* THE PROBLEM *
Copy each line below that has "simhei".

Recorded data

- Opening Delimiter -

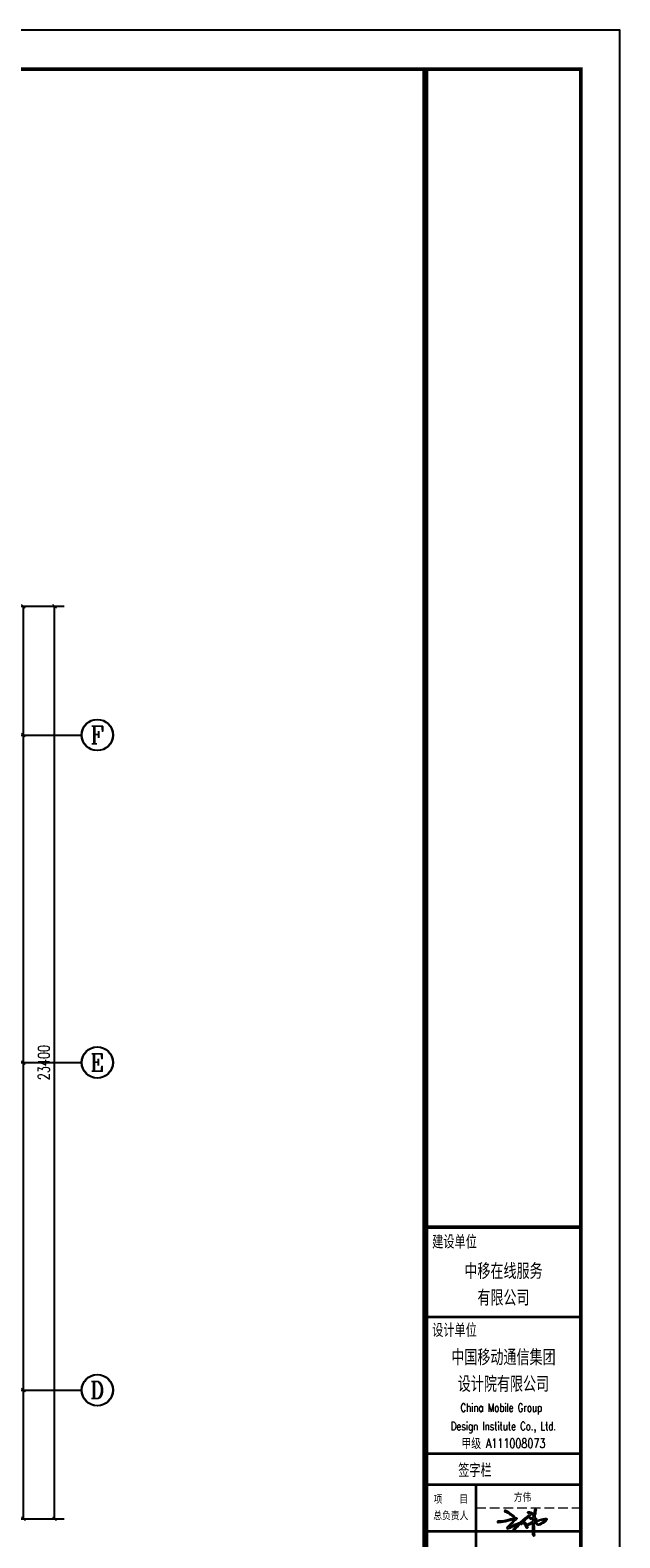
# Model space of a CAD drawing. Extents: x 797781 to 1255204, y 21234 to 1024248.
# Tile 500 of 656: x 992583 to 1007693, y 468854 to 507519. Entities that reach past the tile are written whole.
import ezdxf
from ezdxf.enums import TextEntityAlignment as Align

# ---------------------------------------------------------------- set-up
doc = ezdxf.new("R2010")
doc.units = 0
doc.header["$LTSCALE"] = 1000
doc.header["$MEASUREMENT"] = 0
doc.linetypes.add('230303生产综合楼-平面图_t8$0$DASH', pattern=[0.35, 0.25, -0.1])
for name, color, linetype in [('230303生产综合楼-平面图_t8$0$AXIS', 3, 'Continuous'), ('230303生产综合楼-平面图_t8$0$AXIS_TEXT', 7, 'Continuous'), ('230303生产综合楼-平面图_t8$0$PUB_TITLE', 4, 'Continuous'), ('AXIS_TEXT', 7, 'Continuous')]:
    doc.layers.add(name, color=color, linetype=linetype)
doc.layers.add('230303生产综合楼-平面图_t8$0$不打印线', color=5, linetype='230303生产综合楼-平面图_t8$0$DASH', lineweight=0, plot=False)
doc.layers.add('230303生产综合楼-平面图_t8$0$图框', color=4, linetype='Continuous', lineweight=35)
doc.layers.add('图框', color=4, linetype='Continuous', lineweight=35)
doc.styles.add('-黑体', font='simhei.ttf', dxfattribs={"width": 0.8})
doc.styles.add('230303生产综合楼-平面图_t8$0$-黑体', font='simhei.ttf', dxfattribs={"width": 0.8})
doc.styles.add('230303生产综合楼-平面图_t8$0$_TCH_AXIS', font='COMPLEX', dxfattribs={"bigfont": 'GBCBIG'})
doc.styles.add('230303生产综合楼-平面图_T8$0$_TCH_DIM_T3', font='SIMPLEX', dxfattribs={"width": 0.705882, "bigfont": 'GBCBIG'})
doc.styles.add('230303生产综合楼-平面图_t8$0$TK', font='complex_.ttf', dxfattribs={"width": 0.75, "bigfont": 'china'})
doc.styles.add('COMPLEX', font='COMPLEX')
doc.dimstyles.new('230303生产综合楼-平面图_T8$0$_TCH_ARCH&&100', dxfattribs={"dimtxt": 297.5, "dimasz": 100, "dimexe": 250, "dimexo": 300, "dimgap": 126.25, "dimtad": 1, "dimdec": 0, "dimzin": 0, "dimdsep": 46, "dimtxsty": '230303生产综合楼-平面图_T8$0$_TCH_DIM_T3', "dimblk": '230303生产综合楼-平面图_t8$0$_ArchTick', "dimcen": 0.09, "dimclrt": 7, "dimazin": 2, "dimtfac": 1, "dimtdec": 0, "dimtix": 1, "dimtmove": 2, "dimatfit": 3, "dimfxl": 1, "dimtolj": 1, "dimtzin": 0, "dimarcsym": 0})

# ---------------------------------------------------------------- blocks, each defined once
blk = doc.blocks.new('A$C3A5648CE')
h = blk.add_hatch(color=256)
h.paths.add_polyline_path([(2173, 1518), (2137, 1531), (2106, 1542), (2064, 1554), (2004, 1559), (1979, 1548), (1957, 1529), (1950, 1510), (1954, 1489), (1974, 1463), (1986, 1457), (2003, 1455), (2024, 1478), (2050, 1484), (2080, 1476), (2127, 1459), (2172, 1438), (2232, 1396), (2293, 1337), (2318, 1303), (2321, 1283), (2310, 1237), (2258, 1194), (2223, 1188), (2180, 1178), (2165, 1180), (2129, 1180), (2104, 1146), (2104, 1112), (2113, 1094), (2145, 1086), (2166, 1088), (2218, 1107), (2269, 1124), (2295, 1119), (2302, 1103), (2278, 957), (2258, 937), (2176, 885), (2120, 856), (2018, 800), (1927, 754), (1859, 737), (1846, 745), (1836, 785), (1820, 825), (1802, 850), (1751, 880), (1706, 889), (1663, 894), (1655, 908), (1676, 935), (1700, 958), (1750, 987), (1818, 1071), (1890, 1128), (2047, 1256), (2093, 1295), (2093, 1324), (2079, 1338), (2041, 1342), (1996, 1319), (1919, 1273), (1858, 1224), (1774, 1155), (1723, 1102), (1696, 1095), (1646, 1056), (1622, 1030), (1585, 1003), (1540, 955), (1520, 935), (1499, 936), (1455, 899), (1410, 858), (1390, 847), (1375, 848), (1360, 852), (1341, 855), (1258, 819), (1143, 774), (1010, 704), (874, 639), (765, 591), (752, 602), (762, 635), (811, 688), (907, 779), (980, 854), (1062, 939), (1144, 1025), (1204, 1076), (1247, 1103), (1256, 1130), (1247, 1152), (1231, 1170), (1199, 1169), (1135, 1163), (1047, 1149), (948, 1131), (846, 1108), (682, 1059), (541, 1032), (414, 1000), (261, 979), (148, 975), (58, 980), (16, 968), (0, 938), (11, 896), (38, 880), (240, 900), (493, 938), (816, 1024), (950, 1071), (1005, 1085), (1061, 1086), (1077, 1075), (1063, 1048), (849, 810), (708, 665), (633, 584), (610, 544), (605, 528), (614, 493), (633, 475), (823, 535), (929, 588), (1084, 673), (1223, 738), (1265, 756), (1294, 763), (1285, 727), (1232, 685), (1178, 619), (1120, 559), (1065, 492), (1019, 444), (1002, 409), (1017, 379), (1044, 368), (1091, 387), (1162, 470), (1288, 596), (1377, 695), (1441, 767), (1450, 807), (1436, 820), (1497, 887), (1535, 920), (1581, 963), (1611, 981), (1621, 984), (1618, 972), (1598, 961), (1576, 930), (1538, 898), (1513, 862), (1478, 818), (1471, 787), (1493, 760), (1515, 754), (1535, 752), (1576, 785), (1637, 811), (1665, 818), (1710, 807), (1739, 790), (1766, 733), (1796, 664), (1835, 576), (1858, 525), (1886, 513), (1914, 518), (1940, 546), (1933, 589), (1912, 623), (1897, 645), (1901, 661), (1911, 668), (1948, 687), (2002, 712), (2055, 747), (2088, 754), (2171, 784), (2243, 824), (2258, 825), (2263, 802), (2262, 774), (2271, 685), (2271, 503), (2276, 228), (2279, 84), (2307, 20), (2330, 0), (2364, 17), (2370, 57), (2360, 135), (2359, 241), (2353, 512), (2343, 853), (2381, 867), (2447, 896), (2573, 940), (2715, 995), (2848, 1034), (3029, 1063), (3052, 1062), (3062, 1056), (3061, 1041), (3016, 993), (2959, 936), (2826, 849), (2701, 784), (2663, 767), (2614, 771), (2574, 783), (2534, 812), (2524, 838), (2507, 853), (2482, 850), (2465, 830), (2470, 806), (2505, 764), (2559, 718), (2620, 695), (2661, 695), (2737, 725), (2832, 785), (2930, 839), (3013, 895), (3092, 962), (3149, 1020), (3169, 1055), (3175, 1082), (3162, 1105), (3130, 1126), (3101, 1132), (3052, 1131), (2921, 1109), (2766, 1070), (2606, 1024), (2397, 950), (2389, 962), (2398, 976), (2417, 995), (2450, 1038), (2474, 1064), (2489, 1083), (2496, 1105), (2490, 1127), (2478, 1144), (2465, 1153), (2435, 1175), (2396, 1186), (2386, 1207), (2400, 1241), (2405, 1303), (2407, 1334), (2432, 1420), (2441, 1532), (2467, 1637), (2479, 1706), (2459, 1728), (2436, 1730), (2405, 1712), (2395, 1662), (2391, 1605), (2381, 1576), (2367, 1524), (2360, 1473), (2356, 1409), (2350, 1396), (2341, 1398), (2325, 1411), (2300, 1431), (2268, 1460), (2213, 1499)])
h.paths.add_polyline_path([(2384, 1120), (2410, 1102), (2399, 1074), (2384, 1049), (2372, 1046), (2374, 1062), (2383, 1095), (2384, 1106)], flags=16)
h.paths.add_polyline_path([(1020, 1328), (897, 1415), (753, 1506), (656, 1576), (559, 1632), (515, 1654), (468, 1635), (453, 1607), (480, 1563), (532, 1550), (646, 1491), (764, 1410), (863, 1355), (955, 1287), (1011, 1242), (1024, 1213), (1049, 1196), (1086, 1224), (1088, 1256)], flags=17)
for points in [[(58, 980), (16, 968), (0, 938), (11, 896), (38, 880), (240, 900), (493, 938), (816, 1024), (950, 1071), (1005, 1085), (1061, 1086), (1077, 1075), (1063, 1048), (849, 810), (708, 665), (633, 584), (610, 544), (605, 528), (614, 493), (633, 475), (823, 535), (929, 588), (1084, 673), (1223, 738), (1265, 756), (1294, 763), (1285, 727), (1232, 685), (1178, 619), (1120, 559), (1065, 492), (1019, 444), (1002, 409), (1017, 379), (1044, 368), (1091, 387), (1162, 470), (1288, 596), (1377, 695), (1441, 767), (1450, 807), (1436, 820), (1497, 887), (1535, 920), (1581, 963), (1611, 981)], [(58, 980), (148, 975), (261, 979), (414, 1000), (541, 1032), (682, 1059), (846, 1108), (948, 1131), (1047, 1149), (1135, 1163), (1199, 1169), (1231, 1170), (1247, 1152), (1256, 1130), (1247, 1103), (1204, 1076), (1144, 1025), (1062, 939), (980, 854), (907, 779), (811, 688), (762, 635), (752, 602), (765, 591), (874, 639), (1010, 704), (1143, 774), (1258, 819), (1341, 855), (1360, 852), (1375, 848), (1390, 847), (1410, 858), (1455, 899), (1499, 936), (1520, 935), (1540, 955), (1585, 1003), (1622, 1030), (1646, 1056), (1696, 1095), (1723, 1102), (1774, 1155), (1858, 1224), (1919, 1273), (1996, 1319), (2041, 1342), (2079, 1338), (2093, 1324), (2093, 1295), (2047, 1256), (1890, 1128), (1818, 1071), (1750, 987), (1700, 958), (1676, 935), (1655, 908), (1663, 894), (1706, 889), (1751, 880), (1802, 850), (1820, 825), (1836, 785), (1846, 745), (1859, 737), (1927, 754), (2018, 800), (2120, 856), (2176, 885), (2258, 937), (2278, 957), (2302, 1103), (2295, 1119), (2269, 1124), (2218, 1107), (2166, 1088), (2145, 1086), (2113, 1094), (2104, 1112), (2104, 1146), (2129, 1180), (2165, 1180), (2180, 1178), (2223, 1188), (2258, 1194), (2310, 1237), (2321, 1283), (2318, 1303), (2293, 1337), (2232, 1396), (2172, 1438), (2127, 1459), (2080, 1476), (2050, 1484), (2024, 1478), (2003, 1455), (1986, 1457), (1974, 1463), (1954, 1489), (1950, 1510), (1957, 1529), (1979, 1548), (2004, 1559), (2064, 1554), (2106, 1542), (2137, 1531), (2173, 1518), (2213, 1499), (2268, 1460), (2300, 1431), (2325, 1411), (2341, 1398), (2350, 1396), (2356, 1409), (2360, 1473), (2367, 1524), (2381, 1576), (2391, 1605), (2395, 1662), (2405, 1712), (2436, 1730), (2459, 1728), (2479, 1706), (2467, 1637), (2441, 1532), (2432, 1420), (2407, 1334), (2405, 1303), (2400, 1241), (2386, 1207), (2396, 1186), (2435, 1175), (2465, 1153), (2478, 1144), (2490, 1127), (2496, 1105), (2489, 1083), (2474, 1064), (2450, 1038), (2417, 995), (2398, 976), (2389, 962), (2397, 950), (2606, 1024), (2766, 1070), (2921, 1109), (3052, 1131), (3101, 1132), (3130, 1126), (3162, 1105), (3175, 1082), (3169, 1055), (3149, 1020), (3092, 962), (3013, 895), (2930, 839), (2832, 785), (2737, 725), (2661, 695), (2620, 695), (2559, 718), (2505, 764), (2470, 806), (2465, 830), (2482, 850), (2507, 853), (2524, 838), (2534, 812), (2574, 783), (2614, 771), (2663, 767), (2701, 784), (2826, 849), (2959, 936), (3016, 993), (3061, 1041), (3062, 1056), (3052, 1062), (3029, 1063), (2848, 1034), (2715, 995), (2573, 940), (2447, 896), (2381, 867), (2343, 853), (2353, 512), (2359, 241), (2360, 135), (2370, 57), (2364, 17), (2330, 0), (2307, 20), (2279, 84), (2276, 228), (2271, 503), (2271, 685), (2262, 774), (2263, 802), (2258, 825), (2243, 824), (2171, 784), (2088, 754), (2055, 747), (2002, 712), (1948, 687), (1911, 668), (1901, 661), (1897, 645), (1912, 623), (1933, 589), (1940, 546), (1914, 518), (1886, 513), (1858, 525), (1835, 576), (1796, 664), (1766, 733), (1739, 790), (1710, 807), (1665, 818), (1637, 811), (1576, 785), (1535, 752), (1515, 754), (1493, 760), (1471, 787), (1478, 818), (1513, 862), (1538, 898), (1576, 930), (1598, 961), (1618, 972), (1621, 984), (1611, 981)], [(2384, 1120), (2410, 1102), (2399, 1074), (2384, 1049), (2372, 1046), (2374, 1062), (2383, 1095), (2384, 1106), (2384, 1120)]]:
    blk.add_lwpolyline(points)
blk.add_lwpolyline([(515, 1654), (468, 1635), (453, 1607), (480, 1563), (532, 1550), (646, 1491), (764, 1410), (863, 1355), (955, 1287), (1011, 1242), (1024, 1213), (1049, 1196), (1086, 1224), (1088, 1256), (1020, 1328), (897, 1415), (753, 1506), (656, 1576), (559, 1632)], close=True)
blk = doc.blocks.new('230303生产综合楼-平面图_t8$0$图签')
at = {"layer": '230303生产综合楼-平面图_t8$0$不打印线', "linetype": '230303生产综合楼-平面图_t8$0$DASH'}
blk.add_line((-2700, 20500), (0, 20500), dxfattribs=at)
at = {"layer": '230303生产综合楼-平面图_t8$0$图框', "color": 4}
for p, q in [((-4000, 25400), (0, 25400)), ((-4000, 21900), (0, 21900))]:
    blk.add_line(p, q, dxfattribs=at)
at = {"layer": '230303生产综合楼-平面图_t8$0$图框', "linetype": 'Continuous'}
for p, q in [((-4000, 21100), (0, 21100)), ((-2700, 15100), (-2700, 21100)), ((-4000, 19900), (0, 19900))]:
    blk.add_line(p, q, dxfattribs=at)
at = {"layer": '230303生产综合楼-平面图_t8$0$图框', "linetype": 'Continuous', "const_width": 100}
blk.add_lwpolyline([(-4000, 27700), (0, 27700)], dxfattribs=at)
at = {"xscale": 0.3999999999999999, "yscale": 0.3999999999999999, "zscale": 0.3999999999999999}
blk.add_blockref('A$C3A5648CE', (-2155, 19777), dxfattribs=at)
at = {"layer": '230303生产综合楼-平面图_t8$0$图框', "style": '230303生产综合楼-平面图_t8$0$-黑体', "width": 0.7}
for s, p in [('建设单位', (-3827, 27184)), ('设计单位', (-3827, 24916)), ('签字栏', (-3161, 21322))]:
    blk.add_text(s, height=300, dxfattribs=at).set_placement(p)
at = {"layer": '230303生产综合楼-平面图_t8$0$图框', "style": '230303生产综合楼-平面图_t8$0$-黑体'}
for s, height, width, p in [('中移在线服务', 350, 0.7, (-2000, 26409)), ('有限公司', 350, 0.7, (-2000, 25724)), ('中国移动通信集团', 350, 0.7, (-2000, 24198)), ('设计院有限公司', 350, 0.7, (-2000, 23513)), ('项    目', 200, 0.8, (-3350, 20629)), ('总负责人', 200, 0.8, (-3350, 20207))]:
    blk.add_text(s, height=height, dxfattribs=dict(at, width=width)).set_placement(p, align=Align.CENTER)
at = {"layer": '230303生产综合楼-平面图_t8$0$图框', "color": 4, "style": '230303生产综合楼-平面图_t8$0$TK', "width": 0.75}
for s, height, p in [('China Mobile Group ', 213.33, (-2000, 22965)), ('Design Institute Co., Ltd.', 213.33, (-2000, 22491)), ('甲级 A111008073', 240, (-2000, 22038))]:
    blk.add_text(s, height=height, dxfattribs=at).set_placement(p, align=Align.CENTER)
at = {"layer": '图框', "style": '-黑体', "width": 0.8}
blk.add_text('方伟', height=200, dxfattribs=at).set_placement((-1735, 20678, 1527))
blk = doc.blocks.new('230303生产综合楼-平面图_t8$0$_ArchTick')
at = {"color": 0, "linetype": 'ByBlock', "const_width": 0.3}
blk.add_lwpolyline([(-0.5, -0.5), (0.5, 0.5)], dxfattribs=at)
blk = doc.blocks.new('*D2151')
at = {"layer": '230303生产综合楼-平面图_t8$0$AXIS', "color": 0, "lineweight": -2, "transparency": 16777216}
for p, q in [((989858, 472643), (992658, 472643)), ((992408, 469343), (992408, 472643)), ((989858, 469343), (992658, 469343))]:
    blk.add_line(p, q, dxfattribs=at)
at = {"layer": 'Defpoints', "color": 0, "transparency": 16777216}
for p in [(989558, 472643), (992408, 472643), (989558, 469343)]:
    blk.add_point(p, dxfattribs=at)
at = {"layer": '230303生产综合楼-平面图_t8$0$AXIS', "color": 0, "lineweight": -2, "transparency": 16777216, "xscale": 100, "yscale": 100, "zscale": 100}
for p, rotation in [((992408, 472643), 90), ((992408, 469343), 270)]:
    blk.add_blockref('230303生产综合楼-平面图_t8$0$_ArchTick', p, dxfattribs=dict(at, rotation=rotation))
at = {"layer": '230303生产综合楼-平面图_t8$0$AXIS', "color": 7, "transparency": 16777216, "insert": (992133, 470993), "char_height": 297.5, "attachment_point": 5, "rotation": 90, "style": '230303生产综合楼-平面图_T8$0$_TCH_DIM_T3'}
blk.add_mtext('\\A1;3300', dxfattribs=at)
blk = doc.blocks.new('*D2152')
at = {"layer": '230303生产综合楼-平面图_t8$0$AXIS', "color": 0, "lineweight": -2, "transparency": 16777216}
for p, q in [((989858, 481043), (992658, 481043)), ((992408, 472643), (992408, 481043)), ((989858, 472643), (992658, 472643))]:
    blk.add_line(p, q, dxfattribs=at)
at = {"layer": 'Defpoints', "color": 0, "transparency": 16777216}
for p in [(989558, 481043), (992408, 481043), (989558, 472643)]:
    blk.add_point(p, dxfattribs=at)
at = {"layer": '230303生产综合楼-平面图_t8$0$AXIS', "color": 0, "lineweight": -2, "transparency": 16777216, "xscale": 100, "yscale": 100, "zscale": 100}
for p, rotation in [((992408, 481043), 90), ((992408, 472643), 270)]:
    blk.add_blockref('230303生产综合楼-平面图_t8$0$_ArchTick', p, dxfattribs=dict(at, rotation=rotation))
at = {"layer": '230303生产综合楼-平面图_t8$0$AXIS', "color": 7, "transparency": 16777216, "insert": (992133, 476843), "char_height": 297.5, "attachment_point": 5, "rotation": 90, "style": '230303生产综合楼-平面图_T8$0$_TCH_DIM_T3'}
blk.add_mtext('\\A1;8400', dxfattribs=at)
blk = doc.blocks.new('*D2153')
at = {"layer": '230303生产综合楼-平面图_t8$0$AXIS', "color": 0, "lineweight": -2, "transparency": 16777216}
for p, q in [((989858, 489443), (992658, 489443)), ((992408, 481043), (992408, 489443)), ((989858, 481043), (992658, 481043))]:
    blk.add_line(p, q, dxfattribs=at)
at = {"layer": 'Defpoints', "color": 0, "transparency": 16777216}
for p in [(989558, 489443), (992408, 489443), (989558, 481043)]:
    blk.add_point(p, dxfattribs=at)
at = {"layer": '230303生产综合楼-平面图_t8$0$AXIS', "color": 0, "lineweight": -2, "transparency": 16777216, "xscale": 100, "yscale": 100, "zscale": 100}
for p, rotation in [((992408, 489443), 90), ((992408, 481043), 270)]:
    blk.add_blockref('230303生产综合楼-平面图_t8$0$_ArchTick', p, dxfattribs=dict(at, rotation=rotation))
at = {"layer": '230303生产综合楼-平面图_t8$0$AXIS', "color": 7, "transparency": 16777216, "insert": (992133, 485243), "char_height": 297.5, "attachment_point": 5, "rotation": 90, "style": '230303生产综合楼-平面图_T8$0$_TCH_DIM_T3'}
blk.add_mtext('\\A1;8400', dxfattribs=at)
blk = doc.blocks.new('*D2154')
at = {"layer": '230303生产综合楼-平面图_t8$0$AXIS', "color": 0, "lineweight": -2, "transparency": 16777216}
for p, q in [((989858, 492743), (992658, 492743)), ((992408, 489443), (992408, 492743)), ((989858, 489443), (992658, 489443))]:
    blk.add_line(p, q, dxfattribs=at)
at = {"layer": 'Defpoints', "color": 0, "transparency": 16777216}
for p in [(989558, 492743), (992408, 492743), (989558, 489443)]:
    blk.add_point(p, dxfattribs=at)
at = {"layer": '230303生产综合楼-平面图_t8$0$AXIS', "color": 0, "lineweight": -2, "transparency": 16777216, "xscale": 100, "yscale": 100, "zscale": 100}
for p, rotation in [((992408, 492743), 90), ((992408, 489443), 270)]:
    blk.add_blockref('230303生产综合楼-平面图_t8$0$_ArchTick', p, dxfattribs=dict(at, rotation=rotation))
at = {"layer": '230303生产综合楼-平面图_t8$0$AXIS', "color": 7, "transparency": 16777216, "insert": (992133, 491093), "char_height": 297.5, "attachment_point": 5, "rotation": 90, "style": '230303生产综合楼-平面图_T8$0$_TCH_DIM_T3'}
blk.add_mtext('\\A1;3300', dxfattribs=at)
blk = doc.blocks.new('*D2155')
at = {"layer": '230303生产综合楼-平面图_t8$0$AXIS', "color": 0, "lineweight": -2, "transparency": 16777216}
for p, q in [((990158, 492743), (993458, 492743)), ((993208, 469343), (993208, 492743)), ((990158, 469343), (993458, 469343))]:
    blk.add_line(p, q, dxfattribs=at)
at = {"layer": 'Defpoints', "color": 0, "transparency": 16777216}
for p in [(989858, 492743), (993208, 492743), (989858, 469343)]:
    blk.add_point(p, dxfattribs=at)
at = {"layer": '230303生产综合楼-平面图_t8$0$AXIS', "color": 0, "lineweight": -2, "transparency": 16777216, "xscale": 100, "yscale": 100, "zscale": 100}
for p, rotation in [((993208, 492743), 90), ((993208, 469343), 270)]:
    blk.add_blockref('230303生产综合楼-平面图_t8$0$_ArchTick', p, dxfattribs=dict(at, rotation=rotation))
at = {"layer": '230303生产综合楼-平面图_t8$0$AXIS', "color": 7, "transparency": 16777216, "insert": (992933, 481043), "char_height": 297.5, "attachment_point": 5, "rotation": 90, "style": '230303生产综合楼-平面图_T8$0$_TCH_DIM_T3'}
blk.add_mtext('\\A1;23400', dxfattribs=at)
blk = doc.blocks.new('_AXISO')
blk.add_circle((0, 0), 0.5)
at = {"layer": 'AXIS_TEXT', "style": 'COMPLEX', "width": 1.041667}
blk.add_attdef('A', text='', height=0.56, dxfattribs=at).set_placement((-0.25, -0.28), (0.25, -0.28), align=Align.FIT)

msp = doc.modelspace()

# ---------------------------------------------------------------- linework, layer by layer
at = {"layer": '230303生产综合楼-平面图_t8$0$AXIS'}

- Closing Delimiter -

* RESPONSE TO THIS EXERCISE *
doc.styles.add('-黑体', font='simhei.ttf', dxfattribs={"width": 0.8})
doc.styles.add('230303生产综合楼-平面图_t8$0$-黑体', font='simhei.ttf', dxfattribs={"width": 0.8})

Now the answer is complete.